### Required work:
Your answer should be every line from the records that contains "units".

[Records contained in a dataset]

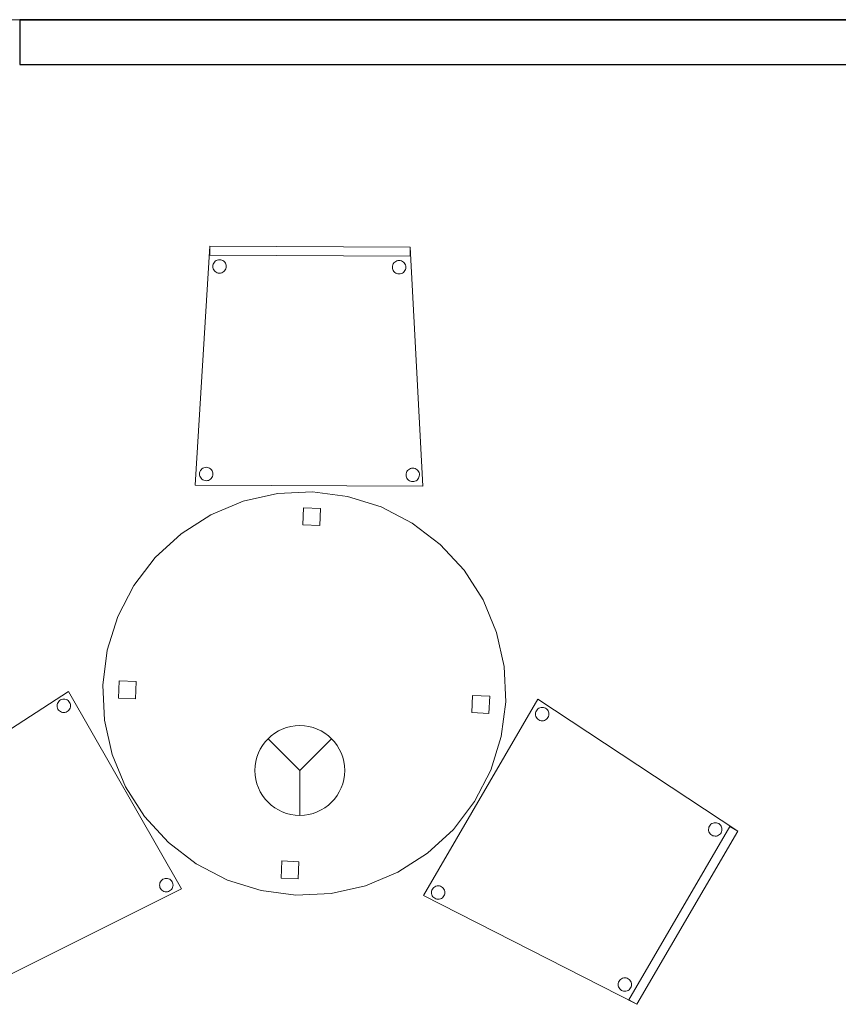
# Model space of a CAD drawing. Header units: metres. Extents: x 397.7 to 427.5, y 12.7 to 28.4.
# Tile 11 of 74: x 406.6 to 408.4, y 14.2 to 16.4. Entities that reach past the tile are written whole.
import ezdxf

# ---------------------------------------------------------------- set-up
doc = ezdxf.new("R2010")
doc.units = ezdxf.units.M
for name, color, linetype, lineweight in [('02_MOBILIARIO', 7, 'Continuous', 18), ('A-DETL-____-MBND', 7, 'Continuous', 18), ('A-DETL-GENF-OTLN', 7, 'Continuous', 18), ('A-WALL-____-MCUT', 7, 'Continuous', 25), ('A-WALL-____-OTLN', 7, 'Continuous', 25)]:
    doc.layers.add(name, color=color, linetype=linetype, lineweight=lineweight)

# ---------------------------------------------------------------- blocks, each defined once
blk = doc.blocks.new('Family - Cadira confident_P2-152712-05_PCI_P2')
at = {"layer": 'A-DETL-____-MBND', "color": 253, "true_color": 0xaaaaaa}
for p, q in [((0, 0.0022), (0.0323, 0.5347)), ((0.0323, 0.5347), (0, 0.0022)), ((0.0322, 0.5147), (0.0323, 0.5347)), ((0.0323, 0.5347), (0.0322, 0.5147)), ((0.0323, 0.5347), (0.4788, 0.5327)), ((0.4788, 0.5327), (0.0323, 0.5347)), ((0.0323, 0.5347), (0.4788, 0.5327)), ((0.4788, 0.5327), (0.0323, 0.5347)), ((0.4788, 0.5327), (0.4787, 0.5127)), ((0.4787, 0.5127), (0.4788, 0.5327)), ((0.4788, 0.5327), (0.5065, 0)), ((0.5065, 0), (0.4788, 0.5327)), ((0.4787, 0.5127), (0.0322, 0.5147)), ((0.0322, 0.5147), (0.4787, 0.5127)), ((0.0515, 0.5042), (0.054, 0.5044)), ((0.054, 0.5044), (0.0515, 0.5042)), ((0.054, 0.5044), (0.0566, 0.5042)), ((0.0566, 0.5042), (0.054, 0.5044)), ((0.039, 0.4895), (0.0393, 0.4921)), ((0.0393, 0.4921), (0.039, 0.4895)), ((0.0393, 0.4869), (0.039, 0.4895)), ((0.039, 0.4895), (0.0393, 0.4869)), ((0.0393, 0.4921), (0.04, 0.4946)), ((0.04, 0.4946), (0.0393, 0.4921)), ((0.0399, 0.4844), (0.0393, 0.4869)), ((0.0393, 0.4869), (0.0399, 0.4844)), ((0.041, 0.4821), (0.0399, 0.4844)), ((0.0399, 0.4844), (0.041, 0.4821)), ((0.04, 0.4946), (0.0411, 0.497)), ((0.0411, 0.497), (0.04, 0.4946)), ((0.0411, 0.497), (0.0426, 0.4991)), ((0.0426, 0.4991), (0.0411, 0.497)), ((0.0426, 0.4991), (0.0444, 0.501)), ((0.0444, 0.501), (0.0426, 0.4991)), ((0.0444, 0.501), (0.0466, 0.5024)), ((0.0466, 0.5024), (0.0444, 0.501)), ((0.0466, 0.5024), (0.0489, 0.5035)), ((0.0489, 0.5035), (0.0466, 0.5024)), ((0.0489, 0.5035), (0.0515, 0.5042)), ((0.0515, 0.5042), (0.0489, 0.5035)), ((0.0566, 0.5042), (0.0592, 0.5035)), ((0.0592, 0.5035), (0.0566, 0.5042)), ((0.0592, 0.5035), (0.0615, 0.5024)), ((0.0615, 0.5024), (0.0592, 0.5035)), ((0.0615, 0.5024), (0.0636, 0.5009)), ((0.0636, 0.5009), (0.0615, 0.5024)), ((0.0636, 0.5009), (0.0655, 0.499)), ((0.0655, 0.499), (0.0636, 0.5009)), ((0.0655, 0.499), (0.067, 0.4969)), ((0.067, 0.4969), (0.0655, 0.499)), ((0.068, 0.4843), (0.0669, 0.4819)), ((0.0669, 0.4819), (0.068, 0.4843)), ((0.067, 0.4969), (0.068, 0.4945)), ((0.068, 0.4945), (0.067, 0.4969)), ((0.068, 0.4945), (0.0687, 0.492)), ((0.0687, 0.492), (0.068, 0.4945)), ((0.0687, 0.4868), (0.068, 0.4843)), ((0.068, 0.4843), (0.0687, 0.4868)), ((0.0687, 0.492), (0.0689, 0.4894)), ((0.0689, 0.4894), (0.0687, 0.492)), ((0.0689, 0.4894), (0.0687, 0.4868)), ((0.0687, 0.4868), (0.0689, 0.4894)), ((0.439, 0.4878), (0.4393, 0.4904)), ((0.4393, 0.4904), (0.439, 0.4878)), ((0.4393, 0.4852), (0.439, 0.4878)), ((0.439, 0.4878), (0.4393, 0.4852)), ((0.4393, 0.4904), (0.44, 0.4929)), ((0.44, 0.4929), (0.4393, 0.4904)), ((0.4399, 0.4827), (0.4393, 0.4852)), ((0.4393, 0.4852), (0.4399, 0.4827)), ((0.441, 0.4803), (0.4399, 0.4827)), ((0.4399, 0.4827), (0.441, 0.4803)), ((0.44, 0.4929), (0.4411, 0.4953)), ((0.4411, 0.4953), (0.44, 0.4929)), ((0.4411, 0.4953), (0.4426, 0.4974)), ((0.4426, 0.4974), (0.4411, 0.4953)), ((0.4426, 0.4974), (0.4444, 0.4992)), ((0.4444, 0.4992), (0.4426, 0.4974)), ((0.4444, 0.4992), (0.4466, 0.5007)), ((0.4466, 0.5007), (0.4444, 0.4992)), ((0.4466, 0.5007), (0.4489, 0.5018)), ((0.4489, 0.5018), (0.4466, 0.5007)), ((0.4489, 0.5018), (0.4514, 0.5025)), ((0.4514, 0.5025), (0.4489, 0.5018)), ((0.4514, 0.5025), (0.454, 0.5027)), ((0.454, 0.5027), (0.4514, 0.5025)), ((0.454, 0.5027), (0.4566, 0.5024)), ((0.4566, 0.5024), (0.454, 0.5027)), ((0.4566, 0.5024), (0.4591, 0.5018)), ((0.4591, 0.5018), (0.4566, 0.5024)), ((0.4591, 0.5018), (0.4615, 0.5006)), ((0.4615, 0.5006), (0.4591, 0.5018)), ((0.4615, 0.5006), (0.4636, 0.4991)), ((0.4636, 0.4991), (0.4615, 0.5006)), ((0.4636, 0.4991), (0.4655, 0.4973)), ((0.4655, 0.4973), (0.4636, 0.4991)), ((0.4655, 0.4973), (0.4669, 0.4951)), ((0.4669, 0.4951), (0.4655, 0.4973)), ((0.4669, 0.4951), (0.468, 0.4928)), ((0.468, 0.4928), (0.4669, 0.4951)), ((0.468, 0.4826), (0.4669, 0.4802)), ((0.4669, 0.4802), (0.468, 0.4826)), ((0.468, 0.4928), (0.4687, 0.4903)), ((0.4687, 0.4903), (0.468, 0.4928)), ((0.4687, 0.4851), (0.468, 0.4826)), ((0.468, 0.4826), (0.4687, 0.4851)), ((0.4687, 0.4903), (0.4689, 0.4877)), ((0.4689, 0.4877), (0.4687, 0.4903)), ((0.4689, 0.4877), (0.4687, 0.4851)), ((0.4687, 0.4851), (0.4689, 0.4877)), ((0.0425, 0.4799), (0.041, 0.4821)), ((0.041, 0.4821), (0.0425, 0.4799)), ((0.0443, 0.4781), (0.0425, 0.4799)), ((0.0425, 0.4799), (0.0443, 0.4781)), ((0.0465, 0.4766), (0.0443, 0.4781)), ((0.0443, 0.4781), (0.0465, 0.4766)), ((0.0488, 0.4755), (0.0465, 0.4766)), ((0.0465, 0.4766), (0.0488, 0.4755)), ((0.0513, 0.4748), (0.0488, 0.4755)), ((0.0488, 0.4755), (0.0513, 0.4748)), ((0.0539, 0.4745), (0.0513, 0.4748)), ((0.0513, 0.4748), (0.0539, 0.4745)), ((0.0565, 0.4748), (0.0539, 0.4745)), ((0.0539, 0.4745), (0.0565, 0.4748)), ((0.059, 0.4754), (0.0565, 0.4748)), ((0.0565, 0.4748), (0.059, 0.4754)), ((0.0614, 0.4765), (0.059, 0.4754)), ((0.059, 0.4754), (0.0614, 0.4765)), ((0.0635, 0.478), (0.0614, 0.4765)), ((0.0614, 0.4765), (0.0635, 0.478)), ((0.0654, 0.4798), (0.0635, 0.478)), ((0.0635, 0.478), (0.0654, 0.4798)), ((0.0669, 0.4819), (0.0654, 0.4798)), ((0.0654, 0.4798), (0.0669, 0.4819)), ((0.4425, 0.4782), (0.441, 0.4803)), ((0.441, 0.4803), (0.4425, 0.4782)), ((0.4443, 0.4763), (0.4425, 0.4782)), ((0.4425, 0.4782), (0.4443, 0.4763)), ((0.4465, 0.4748), (0.4443, 0.4763)), ((0.4443, 0.4763), (0.4465, 0.4748)), ((0.4488, 0.4737), (0.4465, 0.4748)), ((0.4465, 0.4748), (0.4488, 0.4737)), ((0.4513, 0.473), (0.4488, 0.4737)), ((0.4488, 0.4737), (0.4513, 0.473)), ((0.4539, 0.4728), (0.4513, 0.473)), ((0.4513, 0.473), (0.4539, 0.4728)), ((0.4565, 0.473), (0.4539, 0.4728)), ((0.4539, 0.4728), (0.4565, 0.473)), ((0.459, 0.4737), (0.4565, 0.473)), ((0.4565, 0.473), (0.459, 0.4737)), ((0.4614, 0.4748), (0.459, 0.4737)), ((0.459, 0.4737), (0.4614, 0.4748)), ((0.4635, 0.4763), (0.4614, 0.4748)), ((0.4614, 0.4748), (0.4635, 0.4763)), ((0.4654, 0.4781), (0.4635, 0.4763)), ((0.4635, 0.4763), (0.4654, 0.4781)), ((0.4669, 0.4802), (0.4654, 0.4781)), ((0.4654, 0.4781), (0.4669, 0.4802)), ((0.0094, 0.0273), (0.0096, 0.0298)), ((0.0096, 0.0298), (0.0094, 0.0273)), ((0.0096, 0.0247), (0.0094, 0.0273)), ((0.0094, 0.0273), (0.0096, 0.0247)), ((0.0096, 0.0298), (0.0103, 0.0324)), ((0.0103, 0.0324), (0.0096, 0.0298)), ((0.0103, 0.0221), (0.0096, 0.0247)), ((0.0096, 0.0247), (0.0103, 0.0221)), ((0.0103, 0.0324), (0.0114, 0.0347)), ((0.0114, 0.0347), (0.0103, 0.0324)), ((0.0114, 0.0198), (0.0103, 0.0221)), ((0.0103, 0.0221), (0.0114, 0.0198)), ((0.0114, 0.0347), (0.0129, 0.0368)), ((0.0129, 0.0368), (0.0114, 0.0347)), ((0.0129, 0.0368), (0.0148, 0.0387)), ((0.0148, 0.0387), (0.0129, 0.0368)), ((0.0148, 0.0387), (0.0169, 0.0402)), ((0.0169, 0.0402), (0.0148, 0.0387)), ((0.0169, 0.0402), (0.0193, 0.0413)), ((0.0193, 0.0413), (0.0169, 0.0402)), ((0.0193, 0.0413), (0.0218, 0.0419)), ((0.0218, 0.0419), (0.0193, 0.0413)), ((0.0218, 0.0419), (0.0244, 0.0421)), ((0.0244, 0.0421), (0.0218, 0.0419)), ((0.0244, 0.0421), (0.027, 0.0419)), ((0.027, 0.0419), (0.0244, 0.0421)), ((0.027, 0.0419), (0.0295, 0.0412)), ((0.0295, 0.0412), (0.027, 0.0419)), ((0.0295, 0.0412), (0.0319, 0.0401)), ((0.0319, 0.0401), (0.0295, 0.0412)), ((0.0319, 0.0401), (0.034, 0.0386)), ((0.034, 0.0386), (0.0319, 0.0401)), ((0.034, 0.0386), (0.0358, 0.0367)), ((0.0358, 0.0367), (0.034, 0.0386)), ((0.0358, 0.0367), (0.0373, 0.0346)), ((0.0373, 0.0346), (0.0358, 0.0367)), ((0.0383, 0.022), (0.0372, 0.0197)), ((0.0372, 0.0197), (0.0383, 0.022)), ((0.0373, 0.0346), (0.0384, 0.0322)), ((0.0384, 0.0322), (0.0373, 0.0346)), ((0.039, 0.0245), (0.0383, 0.022)), ((0.0383, 0.022), (0.039, 0.0245)), ((0.0384, 0.0322), (0.0391, 0.0297)), ((0.0391, 0.0297), (0.0384, 0.0322)), ((0.0393, 0.0271), (0.039, 0.0245)), ((0.039, 0.0245), (0.0393, 0.0271)), ((0.0391, 0.0297), (0.0393, 0.0271)), ((0.0393, 0.0271), (0.0391, 0.0297)), ((0.4694, 0.0253), (0.4696, 0.0279)), ((0.4696, 0.0279), (0.4694, 0.0253)), ((0.4696, 0.0227), (0.4694, 0.0253)), ((0.4694, 0.0253), (0.4696, 0.0227)), ((0.4696, 0.0279), (0.4703, 0.0304)), ((0.4703, 0.0304), (0.4696, 0.0279)), ((0.4703, 0.0201), (0.4696, 0.0227)), ((0.4696, 0.0227), (0.4703, 0.0201)), ((0.4703, 0.0304), (0.4714, 0.0327)), ((0.4714, 0.0327), (0.4703, 0.0304)), ((0.4714, 0.0327), (0.4729, 0.0348)), ((0.4729, 0.0348), (0.4714, 0.0327)), ((0.4729, 0.0348), (0.4748, 0.0367)), ((0.4748, 0.0367), (0.4729, 0.0348)), ((0.4748, 0.0367), (0.4769, 0.0382)), ((0.4769, 0.0382), (0.4748, 0.0367)), ((0.4769, 0.0382), (0.4793, 0.0393)), ((0.4793, 0.0393), (0.4769, 0.0382)), ((0.4793, 0.0393), (0.4818, 0.0399)), ((0.4818, 0.0399), (0.4793, 0.0393)), ((0.4818, 0.0399), (0.4844, 0.0401)), ((0.4844, 0.0401), (0.4818, 0.0399)), ((0.4844, 0.0401), (0.487, 0.0399)), ((0.487, 0.0399), (0.4844, 0.0401)), ((0.487, 0.0399), (0.4895, 0.0392)), ((0.4895, 0.0392), (0.487, 0.0399)), ((0.4895, 0.0392), (0.4919, 0.0381)), ((0.4919, 0.0381), (0.4895, 0.0392)), ((0.4919, 0.0381), (0.494, 0.0366)), ((0.494, 0.0366), (0.4919, 0.0381)), ((0.494, 0.0366), (0.4958, 0.0347)), ((0.4958, 0.0347), (0.494, 0.0366)), ((0.4958, 0.0347), (0.4973, 0.0326)), ((0.4973, 0.0326), (0.4958, 0.0347)), ((0.4973, 0.0326), (0.4984, 0.0302)), ((0.4984, 0.0302), (0.4973, 0.0326)), ((0.499, 0.0225), (0.4983, 0.02)), ((0.4983, 0.02), (0.499, 0.0225)), ((0.4984, 0.0302), (0.4991, 0.0277)), ((0.4991, 0.0277), (0.4984, 0.0302)), ((0.4993, 0.0251), (0.499, 0.0225)), ((0.499, 0.0225), (0.4993, 0.0251)), ((0.4991, 0.0277), (0.4993, 0.0251)), ((0.4993, 0.0251), (0.4991, 0.0277)), ((0.5065, 0), (0, 0.0022)), ((0, 0.0022), (0.5065, 0)), ((0.0128, 0.0176), (0.0114, 0.0198)), ((0.0114, 0.0198), (0.0128, 0.0176)), ((0.0147, 0.0158), (0.0128, 0.0176)), ((0.0128, 0.0176), (0.0147, 0.0158)), ((0.0168, 0.0143), (0.0147, 0.0158)), ((0.0147, 0.0158), (0.0168, 0.0143)), ((0.0192, 0.0132), (0.0168, 0.0143)), ((0.0168, 0.0143), (0.0192, 0.0132)), ((0.0217, 0.0125), (0.0192, 0.0132)), ((0.0192, 0.0132), (0.0217, 0.0125)), ((0.0243, 0.0123), (0.0217, 0.0125)), ((0.0217, 0.0125), (0.0243, 0.0123)), ((0.0269, 0.0125), (0.0243, 0.0123)), ((0.0243, 0.0123), (0.0269, 0.0125)), ((0.0294, 0.0131), (0.0269, 0.0125)), ((0.0269, 0.0125), (0.0294, 0.0131)), ((0.0317, 0.0142), (0.0294, 0.0131)), ((0.0294, 0.0131), (0.0317, 0.0142)), ((0.0339, 0.0157), (0.0317, 0.0142)), ((0.0317, 0.0142), (0.0339, 0.0157)), ((0.0357, 0.0175), (0.0339, 0.0157)), ((0.0339, 0.0157), (0.0357, 0.0175)), ((0.0372, 0.0197), (0.0357, 0.0175)), ((0.0357, 0.0175), (0.0372, 0.0197)), ((0.4714, 0.0178), (0.4703, 0.0201)), ((0.4703, 0.0201), (0.4714, 0.0178)), ((0.4728, 0.0156), (0.4714, 0.0178)), ((0.4714, 0.0178), (0.4728, 0.0156)), ((0.4747, 0.0138), (0.4728, 0.0156)), ((0.4728, 0.0156), (0.4747, 0.0138)), ((0.4768, 0.0123), (0.4747, 0.0138)), ((0.4747, 0.0138), (0.4768, 0.0123)), ((0.4792, 0.0112), (0.4768, 0.0123)), ((0.4768, 0.0123), (0.4792, 0.0112)), ((0.4817, 0.0105), (0.4792, 0.0112)), ((0.4792, 0.0112), (0.4817, 0.0105)), ((0.4843, 0.0103), (0.4817, 0.0105)), ((0.4817, 0.0105), (0.4843, 0.0103)), ((0.4869, 0.0105), (0.4843, 0.0103)), ((0.4843, 0.0103), (0.4869, 0.0105)), ((0.4894, 0.0111), (0.4869, 0.0105)), ((0.4869, 0.0105), (0.4894, 0.0111)), ((0.4917, 0.0122), (0.4894, 0.0111)), ((0.4894, 0.0111), (0.4917, 0.0122)), ((0.4939, 0.0137), (0.4917, 0.0122)), ((0.4917, 0.0122), (0.4939, 0.0137)), ((0.4957, 0.0155), (0.4939, 0.0137)), ((0.4939, 0.0137), (0.4957, 0.0155)), ((0.4972, 0.0177), (0.4957, 0.0155)), ((0.4957, 0.0155), (0.4972, 0.0177)), ((0.4983, 0.02), (0.4972, 0.0177)), ((0.4972, 0.0177), (0.4983, 0.02))]:
    blk.add_line(p, q, dxfattribs=at)
blk = doc.blocks.new('Family - Mampara P2-152874-05_PCI_P2')
at = {"layer": 'A-WALL-____-MCUT', "color": 253, "true_color": 0xaaaaaa}
for p, q in [((8.3078, 0.1), (6.4478, 0.1)), ((8.3078, 0), (8.3078, 0.1)), ((4.1378, 0), (8.3078, 0))]:
    blk.add_line(p, q, dxfattribs=at)
at = {"layer": 'A-WALL-____-OTLN', "color": 253, "true_color": 0xaaaaaa}
for p, q in [((8.3078, 0.1), (6.4478, 0.1)), ((8.3078, 0), (8.3078, 0.1)), ((8.3078, 0), (4.1378, 0))]:
    blk.add_line(p, q, dxfattribs=at)
at = {"layer": 'A-WALL-____-OTLN', "color": 253, "lineweight": 18, "true_color": 0xaaaaaa}
blk.add_line((0, 0), (9.2978, 0), dxfattribs=at)
blk = doc.blocks.new('Family - Cadira confident_P2-152978-05_PCI_P2')
at = {"layer": 'A-DETL-____-MBND', "color": 253, "true_color": 0xaaaaaa}
for p, q in [((0, 0.2424), (0.2552, 0.6799)), ((0.2552, 0.6799), (0, 0.2424)), ((0.2552, 0.6799), (0.7001, 0.3857)), ((0.7001, 0.3857), (0.2552, 0.6799)), ((0.2551, 0.6579), (0.2572, 0.6593)), ((0.2572, 0.6593), (0.2551, 0.6579)), ((0.2572, 0.6593), (0.2596, 0.6604)), ((0.2596, 0.6604), (0.2572, 0.6593)), ((0.2596, 0.6604), (0.2621, 0.6611)), ((0.2621, 0.6611), (0.2596, 0.6604)), ((0.2621, 0.6611), (0.2647, 0.6613)), ((0.2647, 0.6613), (0.2621, 0.6611)), ((0.2647, 0.6613), (0.2673, 0.6611)), ((0.2673, 0.6611), (0.2647, 0.6613)), ((0.2673, 0.6611), (0.2698, 0.6604)), ((0.2698, 0.6604), (0.2673, 0.6611)), ((0.2698, 0.6604), (0.2722, 0.6593)), ((0.2722, 0.6593), (0.2698, 0.6604)), ((0.2722, 0.6593), (0.2743, 0.6578)), ((0.2743, 0.6578), (0.2722, 0.6593)), ((0.2497, 0.6464), (0.2499, 0.649)), ((0.2499, 0.649), (0.2497, 0.6464)), ((0.2499, 0.6438), (0.2497, 0.6464)), ((0.2497, 0.6464), (0.2499, 0.6438)), ((0.2499, 0.649), (0.2506, 0.6515)), ((0.2506, 0.6515), (0.2499, 0.649)), ((0.2506, 0.6413), (0.2499, 0.6438)), ((0.2499, 0.6438), (0.2506, 0.6413)), ((0.2506, 0.6515), (0.2517, 0.6539)), ((0.2517, 0.6539), (0.2506, 0.6515)), ((0.2517, 0.639), (0.2506, 0.6413)), ((0.2506, 0.6413), (0.2517, 0.639)), ((0.2517, 0.6539), (0.2532, 0.656)), ((0.2532, 0.656), (0.2517, 0.6539)), ((0.2532, 0.6368), (0.2517, 0.639)), ((0.2517, 0.639), (0.2532, 0.6368)), ((0.2532, 0.656), (0.2551, 0.6579)), ((0.2551, 0.6579), (0.2532, 0.656)), ((0.255, 0.635), (0.2532, 0.6368)), ((0.2532, 0.6368), (0.255, 0.635)), ((0.276, 0.6367), (0.2742, 0.6349)), ((0.2742, 0.6349), (0.276, 0.6367)), ((0.2743, 0.6578), (0.2761, 0.6559)), ((0.2761, 0.6559), (0.2743, 0.6578)), ((0.2775, 0.6388), (0.276, 0.6367)), ((0.276, 0.6367), (0.2775, 0.6388)), ((0.2761, 0.6559), (0.2776, 0.6538)), ((0.2776, 0.6538), (0.2761, 0.6559)), ((0.2787, 0.6412), (0.2775, 0.6388)), ((0.2775, 0.6388), (0.2787, 0.6412)), ((0.2776, 0.6538), (0.2787, 0.6514)), ((0.2787, 0.6514), (0.2776, 0.6538)), ((0.2787, 0.6514), (0.2794, 0.6489)), ((0.2794, 0.6489), (0.2787, 0.6514)), ((0.2793, 0.6437), (0.2787, 0.6412)), ((0.2787, 0.6412), (0.2793, 0.6437)), ((0.2796, 0.6463), (0.2793, 0.6437)), ((0.2793, 0.6437), (0.2796, 0.6463)), ((0.2794, 0.6489), (0.2796, 0.6463)), ((0.2796, 0.6463), (0.2794, 0.6489)), ((0.2571, 0.6335), (0.255, 0.635)), ((0.255, 0.635), (0.2571, 0.6335)), ((0.2595, 0.6324), (0.2571, 0.6335)), ((0.2571, 0.6335), (0.2595, 0.6324)), ((0.262, 0.6317), (0.2595, 0.6324)), ((0.2595, 0.6324), (0.262, 0.6317)), ((0.2646, 0.6314), (0.262, 0.6317)), ((0.262, 0.6317), (0.2646, 0.6314)), ((0.2672, 0.6316), (0.2646, 0.6314)), ((0.2646, 0.6314), (0.2672, 0.6316)), ((0.2697, 0.6323), (0.2672, 0.6316)), ((0.2672, 0.6316), (0.2697, 0.6323)), ((0.272, 0.6334), (0.2697, 0.6323)), ((0.2697, 0.6323), (0.272, 0.6334)), ((0.2742, 0.6349), (0.272, 0.6334)), ((0.272, 0.6334), (0.2742, 0.6349)), ((0.4579, 0.0101), (0.6829, 0.3958)), ((0.6829, 0.3958), (0.4579, 0.0101)), ((0.6361, 0.3947), (0.6373, 0.3971)), ((0.6373, 0.3971), (0.6361, 0.3947)), ((0.6373, 0.3971), (0.6388, 0.3992)), ((0.6388, 0.3992), (0.6373, 0.3971)), ((0.6388, 0.3992), (0.6406, 0.401)), ((0.6406, 0.401), (0.6388, 0.3992)), ((0.6406, 0.401), (0.6427, 0.4025)), ((0.6427, 0.4025), (0.6406, 0.401)), ((0.6427, 0.4025), (0.6451, 0.4036)), ((0.6451, 0.4036), (0.6427, 0.4025)), ((0.6451, 0.4036), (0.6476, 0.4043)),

### Solution below:
# Model space of a CAD drawing. Header units: metres. Extents: x 397.7 to 427.5, y 12.7 to 28.4.
doc.units = ezdxf.units.M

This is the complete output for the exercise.